In my opinion, I would clean this up, repack all the bearings (its 75 years old, about time don't you think?), change the tires, and ride it as it is. If you find a matching girls tank for this bike, go for it. Now just keep an eye out for a men's frame bike and you two can go cruisin' together!


----------



## partsguy (Apr 10, 2012)

Oh, I need to add to this. Hiawatha (Gambles), Western Flyer (Western Auto), Hawthorne (Mongtomery Ward), Free Spirit (Sears), etc. never built their own bikes. They all had contracts with bicycle companies to build bikes for that division in the department store. Huffy, Murray, Schwinn, AMF Roadmaster, and Cleveland Welding Company (CWC) are only a few of the companies who had such contracts. I think this bike might be Colson built, though I may be wrong.
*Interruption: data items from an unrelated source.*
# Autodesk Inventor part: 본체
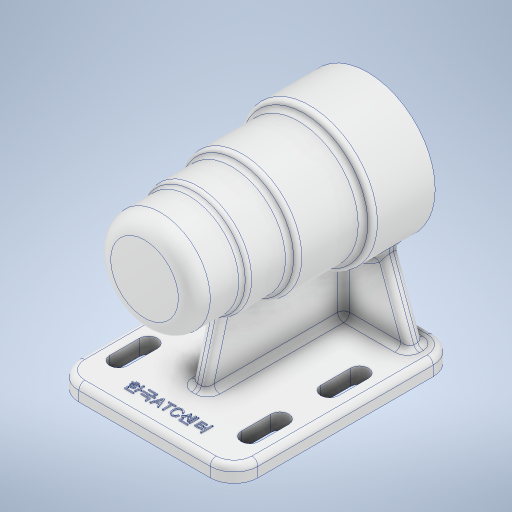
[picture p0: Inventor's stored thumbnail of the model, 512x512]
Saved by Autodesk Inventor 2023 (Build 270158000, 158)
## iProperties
Created: 2022-07
Part Number: 본체
Material: 알루미늄 6061
Document SubType Name: Modeling
Designer: owner
Density: 2.7 g/cm^3
Appearance: 알루미늄 - 평지
Mass: 689.37 g
Surface Area: 704.003 cm^2
Volume: 255.322 cm^3
Author: owner
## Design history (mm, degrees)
sketch "스케치1"
  geometry: L1 (33, 56)-(-33, 56); L2 (-45, 44)-(-45, -44); L3 (-33, -56)-(33, -56); L4 (45, -44)-(45, 44); L5 (45, 56)-(-45, -56); L6 (-45, 56)-(45, -56); A1 r 12 centre (33, 44) between (45, 44) and (33, 56); A2 r 12 centre (33, -44) between (33, -56) and (45, -44); A3 r 12 centre (-33, 44) between (-33, 56) and (-45, 44); A4 r 12 centre (-33, -44) between (-45, -44) and (-33, -56); 1 further point
  constraints: 12 end point, 8 point on circle, 8 point on line, 8 tangent, 4 centre point, 3 equal radius, 2 midpoint, 2 parallel, 1 horizontal, 1 perpendicular
  dimensions: "d0" = 90 distance of L6.end L5.end; "d1" = 112 distance of L5.end L6.start; "d2" = 12 radius of A1
extrude "돌출1" new body sketch "스케치1" distance "d3" = 8; taper "d4" = 0 deg
sketch "스케치2"
  geometry: L1 (-33, -36)-(-33, -21); L2 (-28.5, -36)-(-28.5, -21); L3 (-37.5, -21)-(-37.5, -36); L4 (-33, -56)-(33, -56) reference; L5 (-33, 4)-(-33, 19); L6 (-28.5, 4)-(-28.5, 19); L7 (-37.5, 19)-(-37.5, 4); A1 r 4.5 centre (-33, -36) between (-37.5, -36) and (-28.5, -36); A2 r 4.5 centre (-33, -21) between (-28.5, -21) and (-37.5, -21); A3 r 4.5 centre (-33, 4) between (-37.5, 4) and (-28.5, 4); A4 r 4.5 centre (-33, 19) between (-28.5, 19) and (-37.5, 19); 3 further points
  constraints: 16 end point, 8 point on circle, 8 tangent, 4 centre point, 2 midpoint, 2 parallel, 2 vertical
  dimensions: "d5" = 20 distance from line of L4 L1.start; "d6" = 15 distance of L1.start L1.end; "d7" = 9 distance between parallel lines of L2 L3; "d8" = 33 distance from line of point (0, 0) L1; "d9" = 9 distance between parallel lines of L6 L7; "d10" = 15 distance of L5.start L5.end; "d11" = 25 distance of L5.start L1.end; "d12" = 33 distance from line of point (0, 0) L5
extrude "돌출2" cut sketch "스케치2" distance "d13" = 8; taper "d14" = 0 deg
sketch "스케치4"
  geometry: L1 (0, 0)-(147.887, 0); L2 (70, 56)-(70, -56); L3 (0, -56)-(8, -56) reference; L4 (91, -56)-(91, -41); L5 (91, -41)-(94, -41); L6 (94, -41)-(94, 13); L7 (94, 13)-(91, 13); L8 (91, 13)-(91, 25); L9 (91, 25)-(87.5, 25); L10 (87.5, 25)-(87.5, 43); L11 (87.5, 43)-(86, 43); L12 (86, 43)-(86, 47); L13 (86, 47)-(80.5, 47); L14 (80.5, 47)-(80.5, 50); L15 (80.5, 50)-(70, 50); L16 (70, 50)-(70, 56); L17 (70, 56)-(95, 56); L18 (95, 56)-(95, 32); L19 (95, 32)-(97, 32); L20 (97, 32)-(97, 10); L21 (97, 10)-(100, 10); L22 (100, 10)-(100, -24); L23 (100, -24)-(104, -24); L24 (104, -24)-(104, -56); L25 (104, -56)-(91, -56); 1 further point
  constraints: 48 end point, 17 perpendicular, 3 horizontal, 3 point on line, 2 horizontal alignment, 2 vertical, 1 collinear, 1 midpoint
  dimensions: "d40" = 70 distance from line of L1.start L2; "d41" = 147.88724 distance of L1.start L1.end; "d42" = 112 distance of L2.start L2.end; "d43" = 15 distance of L4.start L4.end; "d44" = 42 diameter of L4 L2; "d45" = 48 diameter of L6 L2; "d46" = 54 distance between parallel lines of L5 L7; "d47" = 12 distance between parallel lines of L9 L7; "d48" = 35 diameter of L10 L2; "d49" = 32 diameter of L12 L2; "d50" = 21 diameter of L14 L2; "d51" = 18 distance between parallel lines of L11 L9; "d52" = 4 distance between parallel lines of L13 L11; "d53" = 3 distance between parallel lines of L13 L15; "d54" = 68 diameter of L24 L2; "d55" = 80 distance between parallel lines of L17 L23; "d56" = 60 diameter of L22 L2; "d57" = 54 diameter of L20 L2; "d58" = 50 diameter of L18 L2; "d59" = 46 distance between parallel lines of L17 L21; "d60" = 24 distance between parallel lines of L17 L19
revolve "회전1" sketch "스케치4" stored, may be unused: angle "d61" = 90 deg
fillet "모깎기1" dims "d62" = 8
node "작업 평면1"
sketch "스케치8"
  geometry: L1 (-4, 8)-(9.591, 45.342); L2 (-4.5, 8)-(4.5, 8) reference; L3 (0, 8)-(-12, 8) reference; L4 (33, 0)-(33, 70); L5 (70, 8)-(56.409, 45.342); L6 (70.5, 8)-(70.5, 0) reference; L7 (-4.5, 8)-(70.5, 8); C1 r 10.5 at (33, 70) reference; 4 further points
  constraints: 8 end point, 2 symmetric about line, 1 point on line, 2 other
  dimensions: "d71" = 8 distance of L3.end L1.start; "d72" = 110 deg angle of L3 L1
extrude "돌출3" join sketch "스케치8" distance "d73" = 8; taper "d74" = 0 deg
sketch "스케치14" dims "d91" = 52
  geometry: C1 r 24 at (0, 0) reference; 3 further points
  constraints: 2 horizontal alignment, 1 coincident, 2 other
hole "구멍1" sketch "스케치14" at (-26, 0) diameter "d84" = 3.242; stored, may be unused: countersink angle "d88" = 90 deg, drill point angle "d90" = 118 deg; dims "d85" = 8, "d86" = 4, "d87" = 2, "d89" = 11
fillet "모깎기2" dims "d95" = 3
chamfer "모따기1" distance "d96" = 1; stored, may be unused: second distance "d97" = 2, angle "d98" = 45 deg
sketch "스케치17"
  geometry: 1 further point
sketch "스케치18"
  geometry: 1 further point
sketch "스케치19"
  geometry: L1 (-33, -56)-(33, -56) reference; 2 further points
  constraints: 1 vertical alignment, 1 other
  dimensions: "d104" = 12 distance from line of L1 point (0, -44)
feature "엠보싱1" sketch "스케치19" dims "d105" = 0.5, "d106" = 0
sketch "스케치26"
  geometry: L1 (8, 29)-(45.342, 18.994); L2 (8, -48)-(45.342, -48) reference; L3 (8, 21)-(8, 36) reference; L4 (45.342, 18.994)-(45.342, -48); L5 (45.342, -40)-(8, -40) reference; L6 (0, -56)-(0, -44) reference; L7 (0, -48)-(45.342, -48); 1 further point
  constraints: 6 end point, 2 perpendicular, 2 point on line
  dimensions: "d127" = 77 distance from line of L2 L1.start; "d128" = 105 deg angle of L3 L1
feature "리브2" sketch "스케치26" dims "d129" = 1, "d130" = 8, "d131" = 0, "d132" = 0, "d133" = 1, "d134" = 1
fillet "모깎기3" dims "d135" = 3
fillet "모깎기4" dims "d136" = 3
node "솔리드1"
mirror "미러1"
pattern_circular "원형 패턴1" dims angle "d93" = 360 deg
feature "A9D066F2-1C7D-4E18-AEED-F7BC21143FA4" dims "d84" = 3.242, "d85" = 8, "d86" = 4, "d87" = 2, "d88" = 90 deg, "d89" = 11, "d90" = 118 deg
other parameters: "d70" = -8

Colson also built their own line of bicycles, as well as Packards and Elgins.

So a tank may not come off of another 1938-39 Hiawatha, it could come from an old Packard or Elgin for example.


----------



## ohdeebee (Apr 10, 2012)

classicfan1 said:


> Oh, I need to add to this. Hiawatha (Gambles), Western Flyer (Western Auto), Hawthorne (Mongtomery Ward), Free Spirit (Sears), etc. never built their own bikes. They all had contracts with bicycle companies to build bikes for that division in the department store. Huffy, Murray, Schwinn, AMF Roadmaster, and Cleveland Welding Company (CWC) are only a few of the companies who had such contracts. I think this bike might be Colson built, though I may be wrong. Colson also built their own line of bicycles, as well as Packards and Elgins.
> 
> So a tank may not come off of another 1938-39 Hiawatha, it could come from an old Packard or Elgin for example.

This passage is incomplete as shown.